Does the Ankh symbol have anything to do with it? always wanted to know this as I have had several. Thanks.


----------



## bike (Oct 29, 2018)

You have to have provenance it came from one of his bikes........
no really I dont think there was a brand or design that was ALWAYS Major Taylor but I welcome challenge
at least look at pix! They are avail from members and the magical Google...........
I Would like to know the answer as well-- thanks Bri
=pg


----------



## locomotion (Oct 29, 2018)

bricycle said:


> Does the Ankh symbol have anything to do with it? always wanted to know this as I have had several. Thanks.




that is a very good question, I always wonder the same as well
I think the actual MT stem is round, not diamond shape.

looking forward to reading the replies


----------



## mongeese (Oct 29, 2018)

They were tools to measure for a solid stem and somehow just made it to the race tracks due to finances.


----------



## bricycle (Oct 29, 2018)

they were born from a need to get the center of gravity further forward and help prevent front wheel slip.


----------



## anders1 (Oct 30, 2018)

It’s true that MT raced with the round top tube for mot of his career. I read that later he collaborated with the Accles & Pollock Tubing Co. to create the angular “no slip” top tube.


----------



## anders1 (Oct 30, 2018)




----------



## catfish (Oct 30, 2018)




----------



## catfish (Oct 30, 2018)




----------



## catfish (Oct 30, 2018)




----------



## catfish (Oct 30, 2018)




----------



## anders1 (Oct 30, 2018)

anders1 said:


> It’s true that MT raced with the round top tube for mot of his career. I read that later he collaborated with the Accles & Pollock Tubing Co. to create the angular “no slip” top tube.



With this being the case, “the actual “ MT stem is the diomand shape tube by his design. Even though we always see the earlier pics with the round tube. With the diomand shape coming later in his career I imagine their are very few pics of him using it. I would love to see one...


----------



## anders1 (Oct 30, 2018)

anders1 said:


> With this being the case, “the actual “ MT stem is the diomand shape tube by his design. Even though we always see the earlier pics with the round tube. With the diomand shape coming later in his career I imagine their are very few pics of him using it. I would love to see one...
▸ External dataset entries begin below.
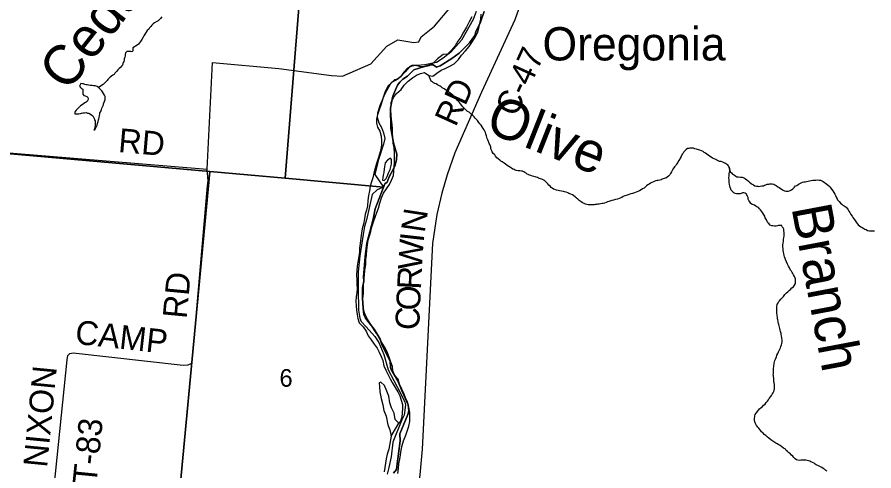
# Model space of a CAD drawing. Extents: x 1310247 to 1664935, y 284496 to 704931.
# Drawn here: x 1511194 to 1521928, y 525811 to 531499 of the extents above; entities that cross this region are included whole.
import ezdxf

# ---------------------------------------------------------------- set-up
doc = ezdxf.new("R2010")
doc.units = 0
for name, color, linetype in [('GM_X_Adjacent_County', 7, 'Continuous'), ('GM_X_City_Street', 7, 'Continuous'), ('GM_X_County', 7, 'Continuous'), ('GM_X_County_Road_Text', 7, 'Continuous'), ('GM_X_County_Subdivision_Text', 7, 'Continuous'), ('GM_X_Interstate_Route', 7, 'Continuous'), ('GM_X_Minor_Lake_Text', 7, 'Continuous'), ('GM_X_Minor_River', 7, 'Continuous'), ('GM_X_Minor_River_Text', 7, 'Continuous'), ('GM_X_Township_Road', 7, 'Continuous'), ('GM_X_Township_Subdivision', 7, 'Continuous'), ('GM_X_US_Location', 7, 'Continuous')]:
    doc.layers.add(name, color=color, linetype=linetype)

msp = doc.modelspace()

# ---------------------------------------------------------------- linework, layer by layer
at = {"layer": 'GM_X_Adjacent_County'}
for points in [[(1517045, 531569), (1517000, 531435), (1516943, 531315), (1516930, 531269), (1516862, 531178), (1516734, 531049), (1516639, 530979), (1516492, 530888), (1516449, 530870), (1516408, 530900), (1516365, 530901), (1516165, 530839), (1516086, 530759), (1516026, 530720), (1515989, 530685), (1515959, 530648), (1515909, 530527), (1515896, 530491), (1515873, 530356), (1515878, 530109), (1515911, 529925), (1515950, 529780), (1515948, 529716), (1515930, 529643), (1515910, 529596), (1515855, 529498), (1515829, 529432), (1515800, 529411), (1515679, 529094), (1515654, 528965), (1515574, 528667), (1515556, 528493), (1515532, 528243), (1515539, 528189), (1515523, 528105), (1515520, 527971), (1515534, 527805), (1515539, 527773), (1515560, 527727), (1515668, 527586), (1515742, 527463), (1515768, 527384), (1515866, 527186), (1515871, 527109), (1515881, 527082), (1515963, 526940), (1516019, 526807), (1516095, 526641), (1516103, 526562), (1516090, 526517), (1515989, 526277), (1515992, 526188), (1515953, 525866), (1515946, 525829), (1515910, 525782)], [(1515910, 525782), (1515946, 525829), (1515953, 525866), (1515992, 526188), (1515989, 526277), (1516090, 526517), (1516103, 526562), (1516095, 526641), (1516019, 526807), (1515963, 526940), (1515881, 527082), (1515871, 527109), (1515866, 527186), (1515768, 527384), (1515742, 527463), (1515668, 527586), (1515560, 527727), (1515539, 527773), (1515534, 527805), (1515520, 527971), (1515523, 528105), (1515539, 528189), (1515532, 528243), (1515556, 528493), (1515574, 528667), (1515654, 528965), (1515679, 529094), (1515800, 529411), (1515829, 529432), (1515855, 529498), (1515910, 529596), (1515930, 529643), (1515948, 529716), (1515950, 529780), (1515911, 529925), (1515878, 530109), (1515873, 530356), (1515896, 530491), (1515909, 530527), (1515959, 530648), (1515989, 530685), (1516026, 530720), (1516086, 530759), (1516165, 530839), (1516365, 530901), (1516408, 530900), (1516449, 530870), (1516492, 530888), (1516639, 530979), (1516734, 531049), (1516862, 531178), (1516930, 531269), (1516943, 531315), (1517000, 531435), (1517045, 531569)]]:
    msp.add_lwpolyline(points, dxfattribs=at)
at = {"layer": 'GM_X_City_Street'}
msp.add_line((1515881, 526248), (1515978, 526408), dxfattribs=at)
for points in [[(1515538, 528202), (1515547, 528266), (1515552, 528326), (1515561, 528398), (1515564, 528462), (1515569, 528516), (1515574, 528580), (1515583, 528646), (1515594, 528704), (1515609, 528756), (1515624, 528810), (1515639, 528869), (1515660, 528931), (1515681, 528991), (1515702, 529051), (1515721, 529105), (1515740, 529168), (1515759, 529232), (1515784, 529292), (1515820, 529345), (1515859, 529399), (1515884, 529457), (1515909, 529512), (1515914, 529566), (1515919, 529622), (1515922, 529682), (1515921, 529738), (1515922, 529792), (1515917, 529863), (1515907, 529921), (1515900, 529985), (1515897, 530049), (1515896, 530103), (1515891, 530155), (1515884, 530218), (1515881, 530268), (1515876, 530332), (1515881, 530430), (1515908, 530490), (1515949, 530543), (1516004, 530590), (1516045, 530644), (1516094, 530697), (1516147, 530740), (1516197, 530772), (1516248, 530791), (1516298, 530804), (1516351, 530767), (1516403, 530760), (1516454, 530796), (1516507, 530833), (1516557, 530856), (1516616, 530883), (1516670, 530914), (1516723, 530966), (1516762, 531021), (1516811, 531078), (1516856, 531130), (1516899, 531195), (1516934, 531249), (1516961, 531300), (1516980, 531360), (1516993, 531422), (1517004, 531474), (1517009, 531536)], [(1516890, 531504), (1516859, 531438), (1516824, 531375), (1516787, 531309)], [(1516787, 531309), (1516752, 531248), (1516717, 531196), (1516680, 531141), (1516637, 531083), (1516586, 531036), (1516532, 531031), (1516495, 531001), (1516461, 530976), (1516406, 530921), (1516355, 530889), (1516301, 530876), (1516247, 530877), (1516193, 530892), (1516141, 530885), (1516086, 530859), (1516039, 530808), (1515998, 530749), (1515944, 530707), (1515893, 530684), (1515840, 530635), (1515805, 530565), (1515786, 530502), (1515769, 530450), (1515750, 530394), (1515731, 530336), (1515709, 530276), (1515696, 530225), (1515697, 530168), (1515710, 530118), (1515737, 530068), (1515756, 530007), (1515760, 529949), (1515761, 529897), (1515750, 529841), (1515735, 529783), (1515716, 529728), (1515697, 529666), (1515680, 529606), (1515663, 529542), (1515650, 529486), (1515633, 529434), (1515619, 529379), (1515610, 529323), (1515597, 529261), (1515588, 529199), (1515583, 529133), (1515570, 529081), (1515555, 529029), (1515544, 528971), (1515533, 528905), (1515518, 528845), (1515507, 528791), (1515500, 528731), (1515491, 528663), (1515484, 528601), (1515482, 528551), (1515475, 528497), (1515464, 528428), (1515453, 528376), (1515450, 528324), (1515447, 528268), (1515448, 528207), (1515449, 528151), (1515453, 528097), (1515450, 528047), (1515443, 527993), (1515438, 527939), (1515441, 527881), (1515446, 527827), (1515454, 527771), (1515461, 527720), (1515480, 527668), (1515531, 527617), (1515565, 527561), (1515594, 527504), (1515629, 527453), (1515668, 527401), (1515704, 527348), (1515731, 527298), (1515754, 527245), (1515775, 527193), (1515788, 527128), (1515812, 527072), (1515839, 527022), (1515868, 526967), (1515893, 526917), (1515931, 526858), (1515962, 526803), (1515987, 526751), (1516006, 526696), (1516021, 526644), (1516023, 526592), (1516018, 526540), (1516015, 526486), (1515998, 526434), (1515978, 526408)], [(1515870, 529729), (1515836, 529706), (1515803, 529671), (1515801, 529646), (1515794, 529596), (1515788, 529552), (1515781, 529518), (1515775, 529490), (1515770, 529456), (1515794, 529452), (1515818, 529478), (1515831, 529503)], [(1515831, 529503), (1515852, 529557), (1515868, 529589), (1515885, 529657), (1515886, 529713), (1515870, 529729)], [(1515962, 525778), (1515973, 525842), (1515978, 525898), (1515987, 525958), (1515998, 526014), (1516007, 526071), (1516020, 526131), (1516036, 526187), (1516062, 526259), (1516082, 526311), (1516101, 526370), (1516112, 526432), (1516115, 526488), (1516114, 526545), (1516103, 526609), (1516086, 526671), (1516061, 526728), (1516038, 526784), (1516014, 526837), (1515983, 526899), (1515968, 526959), (1515921, 527010), (1515900, 527065), (1515896, 527119), (1515877, 527173), (1515856, 527238), (1515835, 527292), (1515806, 527355), (1515769, 527413), (1515734, 527472), (1515702, 527528), (1515667, 527579), (1515632, 527634), (1515595, 527690), (1515567, 527741), (1515548, 527791), (1515529, 527856), (1515524, 527910), (1515525, 527966), (1515534, 528040), (1515535, 528092), (1515534, 528148), (1515538, 528202)], [(1515978, 526408), (1515932, 526457), (1515918, 526534), (1515885, 526602), (1515863, 526665), (1515849, 526749), (1515826, 526811), (1515797, 526882), (1515749, 526923), (1515731, 526913), (1515732, 526863), (1515739, 526803), (1515756, 526720), (1515775, 526640), (1515790, 526570), (1515817, 526495), (1515839, 526389), (1515864, 526326), (1515881, 526248)], [(1515881, 526248), (1515850, 526082), (1515829, 526020), (1515817, 525962), (1515810, 525908), (1515801, 525854), (1515792, 525798)]]:
    msp.add_lwpolyline(points, dxfattribs=at)
at = {"layer": 'GM_X_County'}
for points in [[(1509752, 536706), (1515094, 536260), (1514552, 529479), (1513608, 529562), (1509176, 529957)], [(1509176, 529957), (1513608, 529562), (1513069, 523850), (1507676, 524403), (1508208, 530054)]]:
    msp.add_lwpolyline(points, close=True, dxfattribs=at)
for points in [[(1516944, 531569), (1516906, 531470), (1516760, 531212), (1516629, 531061), (1516532, 530983), (1516447, 530932), (1516303, 530902), (1516207, 530894), (1516139, 530891), (1516116, 530882), (1516055, 530813), (1515998, 530752), (1515964, 530722), (1515920, 530715), (1515875, 530670), (1515801, 530539), (1515742, 530398), (1515708, 530297), (1515705, 530243), (1515726, 530173), (1515761, 530114), (1515786, 530050), (1515799, 529977), (1515786, 529908), (1515720, 529715), (1515709, 529665), (1515677, 529526), (1515782, 529366), (1514552, 529479), (1515094, 536260)], [(1513069, 523850), (1513608, 529562), (1514552, 529479), (1515782, 529366), (1515704, 529333), (1515641, 529274), (1515610, 529127), (1515573, 528960), (1515546, 528874), (1515528, 528775), (1515487, 528505), (1515468, 528308), (1515468, 528092), (1515470, 527826), (1515486, 527724), (1515503, 527685), (1515566, 527616), (1515674, 527496), (1515724, 527421), (1515788, 527272), (1515844, 527079), (1515914, 526944), (1516001, 526779), (1516053, 526672), (1516061, 526640), (1516045, 526508), (1516013, 526449), (1515901, 526171), (1515880, 525987), (1515849, 525852), (1515828, 525770)]]:
    msp.add_lwpolyline(points, dxfattribs=at)
at = {"layer": 'GM_X_County_Road_Text'}
msp.add_lwpolyline([(1517821, 531984), (1517731, 532060), (1517631, 532163), (1517557, 531889), (1517498, 531653), (1517430, 531466), (1517014, 530559), (1516676, 529797), (1516581, 529524), (1516514, 529294), (1516453, 529026), (1516398, 528660), (1516269, 526085), (1516241, 525763), (1516213, 525605), (1516112, 525362), (1515971, 525133), (1515662, 524760)], dxfattribs=at)
at = {"layer": 'GM_X_County_Subdivision_Text'}
for points in [[(1513575, 529592), (1513641, 530929), (1514474, 530857), (1515134, 530767), (1515270, 530757), (1515627, 530915), (1515826, 531133), (1515963, 531215), (1516163, 531181), (1516227, 531188), (1516254, 531250), (1516421, 531386), (1516627, 531628), (1516762, 531921), (1516806, 532231), (1516709, 532812), (1516715, 532994)], [(1508204, 530036), (1513575, 529592)], [(1513581, 529384), (1513586, 529448), (1513575, 529592)], [(1511247, 524193), (1511369, 525485), (1511390, 525537), (1511442, 525545), (1511595, 525529), (1511640, 525529), (1511659, 525612), (1511821, 527204), (1511830, 527256), (1511854, 527283), (1511897, 527290), (1513276, 527136), (1513336, 527141), (1513384, 527163), (1513389, 527215), (1513581, 529384)]]:
    msp.add_lwpolyline(points, dxfattribs=at)
at = {"layer": 'GM_X_Minor_River'}
for points in [[(1511993, 530668), (1511974, 530633), (1511988, 530618), (1512002, 530606), (1512016, 530594), (1512019, 530580), (1512017, 530559), (1512016, 530533), (1512030, 530515), (1512048, 530511), (1512066, 530502), (1512080, 530490), (1512085, 530474), (1512081, 530460), (1512073, 530442), (1512058, 530432), (1512044, 530424), (1512026, 530413), (1512007, 530401), (1511989, 530385), (1511968, 530367), (1511950, 530350), (1511933, 530334), (1511923, 530316), (1511916, 530302), (1511918, 530286), (1511932, 530286), (1511954, 530285), (1511968, 530287), (1511987, 530291), (1512001, 530295), (1512019, 530298), (1512039, 530300), (1512059, 530302), (1512077, 530297), (1512091, 530293), (1512111, 530284), (1512129, 530272), (1512143, 530260), (1512151, 530244), (1512158, 530227), (1512164, 530213), (1512170, 530199), (1512172, 530185), (1512171, 530171), (1512173, 530141), (1512168, 530123), (1512162, 530099), (1512155, 530083), (1512172, 530094), (1512180, 530110), (1512190, 530126), (1512195, 530144), (1512201, 530166), (1512208, 530192), (1512212, 530210), (1512217, 530226), (1512221, 530242), (1512224, 530266), (1512228, 530284), (1512230, 530298), (1512241, 530316), (1512250, 530342), (1512254, 530358), (1512262, 530376), (1512275, 530400), (1512277, 530414), (1512286, 530432), (1512292, 530452), (1512297, 530466), (1512297, 530480), (1512295, 530502), (1512288, 530522), (1512276, 530543), (1512264, 530561), (1512253, 530577), (1512213, 530618)], [(1512213, 530618), (1512198, 530628), (1512184, 530633), (1512170, 530637), (1512151, 530639), (1512135, 530640), (1512121, 530640), (1512107, 530640), (1512089, 530645), (1512073, 530649), (1512059, 530651), (1512043, 530655), (1512027, 530662), (1512011, 530664), (1511993, 530668)]]:
    msp.add_lwpolyline(points, dxfattribs=at)
at = {"layer": 'GM_X_Minor_River_Text'}
for points in [[(1513006, 531504), (1512990, 531482), (1512975, 531466), (1512959, 531454), (1512943, 531445), (1512914, 531427), (1512900, 531415), (1512883, 531397), (1512871, 531382), (1512852, 531366), (1512842, 531350), (1512825, 531330), (1512802, 531296), (1512788, 531279), (1512780, 531265), (1512771, 531247), (1512756, 531219), (1512738, 531195), (1512727, 531177), (1512715, 531161), (1512698, 531146), (1512678, 531134), (1512664, 531126), (1512645, 531115), (1512643, 531092), (1512644, 531078), (1512632, 531065), (1512618, 531067), (1512600, 531067), (1512586, 531067), (1512570, 531066), (1512553, 531050), (1512549, 531030), (1512546, 531012), (1512544, 530998), (1512536, 530978), (1512533, 530960), (1512529, 530944), (1512524, 530930), (1512520, 530916), (1512512, 530898), (1512501, 530884), (1512487, 530868), (1512472, 530854), (1512456, 530837), (1512441, 530823), (1512431, 530809), (1512417, 530795), (1512408, 530781), (1512392, 530772), (1512376, 530758), (1512361, 530746), (1512349, 530732), (1512332, 530718), (1512320, 530705), (1512304, 530689), (1512287, 530673), (1512271, 530655), (1512213, 530618)], [(1516857, 530306), (1516837, 530318), (1516821, 530331), (1516807, 530347), (1516793, 530357), (1516778, 530376), (1516766, 530390), (1516748, 530412), (1516735, 530429), (1516721, 530445), (1516707, 530459), (1516690, 530482), (1516680, 530496), (1516666, 530504), (1516652, 530521), (1516636, 530535), (1516621, 530547), (1516603, 530560), (1516587, 530570), (1516573, 530578), (1516559, 530589), (1516543, 530599), (1516521, 530614), (1516507, 530624), (1516494, 530632), (1516478, 530642), (1516460, 530651), (1516442, 530661), (1516428, 530669), (1516412, 530676), (1516396, 530688), (1516382, 530698), (1516351, 530767)], [(1518331, 529150), (1518317, 529154), (1518297, 529162), (1518277, 529173), (1518259, 529185), (1518237, 529202), (1518219, 529216), (1518200, 529235), (1518186, 529247), (1518168, 529259), (1518150, 529270), (1518130, 529280), (1518108, 529290), (1518094, 529297), (1518072, 529305), (1518052, 529310), (1518038, 529314), (1518014, 529318), (1517990, 529323), (1517974, 529325), (1517950, 529330), (1517930, 529338), (1517914, 529344), (1517898, 529353), (1517884, 529363), (1517871, 529379), (1517857, 529392), (1517841, 529410), (1517827, 529426), (1517814, 529439), (1517800, 529449), (1517786, 529461), (1517768, 529468), (1517750, 529474), (1517728, 529482), (1517712, 529489), (1517698, 529493), (1517684, 529495), (1517668, 529501), (1517650, 529506), (1517632, 529512), (1517614, 529519), (1517598, 529525), (1517584, 529531), (1517570, 529541), (1517554, 529552), (1517541, 529560), (1517527, 529566), (1517511, 529569), (1517494, 529571), (1517470, 529573), (1517448, 529578), (1517434, 529582), (1517420, 529588), (1517404, 529595), (1517389, 529607), (1517375, 529613), (1517355, 529626), (1517333, 529640), (1517313, 529655), (1517297, 529667), (1517283, 529675), (1517270, 529686), (1517256, 529694), (1517240, 529706), (1517222, 529721), (1517206, 529735), (1517187, 529755), (1517177, 529772), (1517159, 529788), (1517146, 529810), (1517140, 529825), (1517134, 529839), (1517130, 529853), (1517129, 529867), (1517123, 529883), (1517115, 529901), (1517110, 529916), (1517098, 529938), (1517091, 529960), (1517083, 529978), (1517079, 529995), (1517076, 530009), (1517070, 530023), (1517066, 530037), (1517060, 530051), (1517055, 530069), (1517045, 530086), (1517033, 530104), (1517020, 530124), (1517006, 530145), (1516990, 530163), (1516977, 530179), (1516961, 530204), (1516947, 530218), (1516934, 530234), (1516920, 530251), (1516904, 530267), (1516888, 530279), (1516870, 530294), (1516857, 530306)], [(1520035, 529679), (1520014, 529688), (1519995, 529690), (1519979, 529696), (1519960, 529707), (1519946, 529713), (1519926, 529723), (1519908, 529732), (1519888, 529744), (1519870, 529756), (1519850, 529769), (1519834, 529783), (1519819, 529794), (1519803, 529804), (1519789, 529814), (1519767, 529825), (1519749, 529833), (1519729, 529837), (1519707, 529844), (1519685, 529850), (1519667, 529855), (1519651, 529855), (1519637, 529855), (1519623, 529855), (1519609, 529854), (1519594, 529852), (1519576, 529840), (1519560, 529822), (1519547, 529809), (1519539, 529795), (1519528, 529781), (1519512, 529751), (1519503, 529731), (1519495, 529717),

The above information was shared with me so I don’t know if it is factual information or not?


----------



## anders1 (Oct 30, 2018)




----------



## mongeese (Oct 30, 2018)

Here is an uncommon made stem from the era


----------



## bricycle (Oct 30, 2018)

mongeese said:


> Here is an uncommon made stem from the era View attachment 892536
> View attachment 892537
> 
> View attachment 892538



seen one once, like an up-side-down Mead stem.


----------



## redline1968 (Oct 30, 2018)

Here’s one


----------



## mongeese (Oct 30, 2018)

Here’s some stays you may have never seen.


----------



## shoe3 (Nov 2, 2018)

bricycle said:


> Does the Ankh symbol have anything to do with it? always wanted to know this as I have had several. Thanks.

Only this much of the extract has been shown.